-
Notifications
You must be signed in to change notification settings - Fork 35
MapReduce
######################################################################## WARNING: Map/Reduce is NOT intended as a general query mechanism for Riak. It will increase load on your cluster and is best suited for batch processing of data during off peak hours. ########################################################################
Key/Value stores are designed for key-based lookups; ad hoc queries are typically not well supported. The Map/Reduce model is a feature of Riak that makes it possible to perform diverse operations on data, including querying, filtering, and aggregating information.
Full documentation of the Map/Reduce features available in Riak can be found at the Riak Map/Reduce documentation. This article covers how to use these features in the Riak .NET Client, but doesn't cover the features themselves.
A class is provided which that is the first point of call for writing Map/Reduce queries. That class is named RiakMapReduceQuery
and has a fluent-style interface to facilitate creating ad hoc queires.
You can begin by creating a new RiakMapReduceQuery
object:
var query = new RiakMapReduceQuery();
After creating an instance, you'll want to specify the inputs for the Map/Reduce job.

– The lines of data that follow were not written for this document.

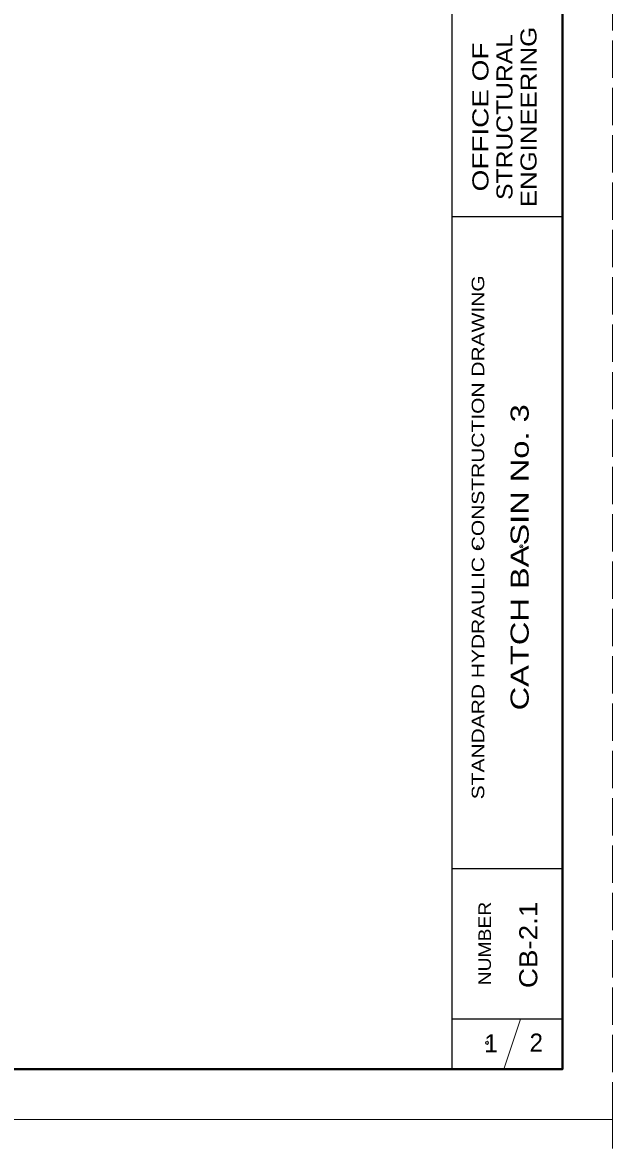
# Model space of a CAD drawing. Extents: x 1352.5 to 1386.5, y 735.9 to 779.9.
# Drawn here: x 1380.63 to 1386.51, y 757.67 to 768.86 of the extents above; entities that cross this region are included whole.
import ezdxf
from ezdxf.enums import TextEntityAlignment as Align

# ---------------------------------------------------------------- set-up
doc = ezdxf.new("R2010")
doc.units = 0
doc.header["$LTSCALE"] = 0.062
doc.header["$PDMODE"] = 32
doc.header["$PDSIZE"] = 0.031
doc.linetypes.add('LONG_DASHED', pattern=[7.5, 6, -1.5])
doc.layers.add('1', color=7, linetype='Continuous', lineweight=13)

msp = doc.modelspace()

# ---------------------------------------------------------------- linework, layer by layer
at = {"layer": '1', "lineweight": 25}
for p, q in [((1384.913, 758.41967), (1384.913, 779.41967)), ((1386.013, 779.41967), (1386.013, 758.41967)), ((1386.013, 766.91967), (1384.913, 766.91967)), ((1386.013, 760.41967), (1384.913, 760.41967)), ((1386.013, 758.91967), (1384.913, 758.91967))]:
    msp.add_line(p, q, dxfattribs=at)
at = {"layer": '1'}
msp.add_line((1385.42967, 758.41967), (1385.59633, 758.91967), dxfattribs=at)
at = {"layer": '1', "linetype": 'LONG_DASHED'}
for points in [[(1352.513, 757.91967), (1386.513, 757.91967), (1386.513, 779.91967), (1352.513, 779.91967)], [(1352.513, 735.91967), (1386.513, 735.91967), (1386.513, 757.91967), (1352.513, 757.91967)]]:
    msp.add_lwpolyline(points, close=True, dxfattribs=at)
at = {"layer": '1', "lineweight": 25}
msp.add_lwpolyline([(1386.013, 758.41967), (1354.513, 758.41967), (1354.513, 779.41967)], dxfattribs=at)
at = {"layer": '1', "lineweight": 40}
msp.add_lwpolyline([(1354.513, 779.41967), (1386.013, 779.41967), (1386.013, 758.41967), (1354.513, 758.41967)], close=True, dxfattribs=at)
msp.add_lwpolyline([(1354.513, 779.41967), (1386.013, 779.41967), (1386.013, 758.41967), (1354.513, 758.41967)], close=True, dxfattribs=at)
at = {"layer": '1'}
for p in [(1385.17042, 763.62567), (1385.60325, 763.633), (1385.26108, 758.68342)]:
    msp.add_point(p, dxfattribs=at)

# ---------------------------------------------------------------- texts
for s, height, width, p in [('ENGINEERING', 0.16, 1.2, (1385.75475, 767.91421)), ('STRUCTURAL', 0.16, 1.15, (1385.51475, 767.91413)), ('OFFICE OF', 0.16, 1.3, (1385.27475, 767.91413)), ('STANDARD HYDRAULIC CONSTRUCTION DRAWING', 0.125, 1.25, (1385.23292, 763.72371)), ('CATCH BASIN No. 3', 0.18, 1.35, (1385.67617, 763.52396)), ('NUMBER', 0.125, 1.15, (1385.3, 759.67375)), ('CB-2.1', 0.18, 1.15, (1385.76233, 759.66004))]:
    msp.add_text(s, height=height, rotation=90, dxfattribs=dict(at, width=width)).set_placement(p, align=Align.CENTER)
for s, p in [('1', (1385.30085, 758.58975)), ('2', (1385.75221, 758.59633))]:
    msp.add_text(s, height=0.18, dxfattribs=at).set_placement(p, align=Align.CENTER)

doc.saveas('drawing.dxf')

Inputs can be specified in three different ways - as a Bucket, as a list of Bucket/Key pairs, as a Bucket/Key/Argument triple.
- Bucket Name - A single string value that indicates the job should operate on all the keys within that bucket.
- Bucket/Key Pairs - A list of RiakBucketKeyInput instances which represent the Bucket/Key pairs which the job should operate on.
Here is how you would specify a single bucket input:
var query = new RiakMapReduceQuery().Inputs("BucketName");
To specify Bucket/Key pairs, do the following:
var inputs = new RiakBucketKeyInput()
.Add("bucket1", "key1")
.Add("bucket2", "key2")
.Add("bucket3", "key3");
var query = new RiakMapReduceQuery()
.Inputs(inputs);
To specify Bucket/Key/Arg triples, do the following:
var inputs = new RiakBucketKeyInput()
.Add("bucket1", "key1", 3.1415)
.Add("bucket2", "key2", "slartibartfast")
.Add("bucket3", "key3", new { foo = "bar", baz = 10 });
var query = new RiakMapReduceQuery()
.Inputs(inputs);
Now that the inputs have been specified, the next step is to write a series of Map and Reduce phases.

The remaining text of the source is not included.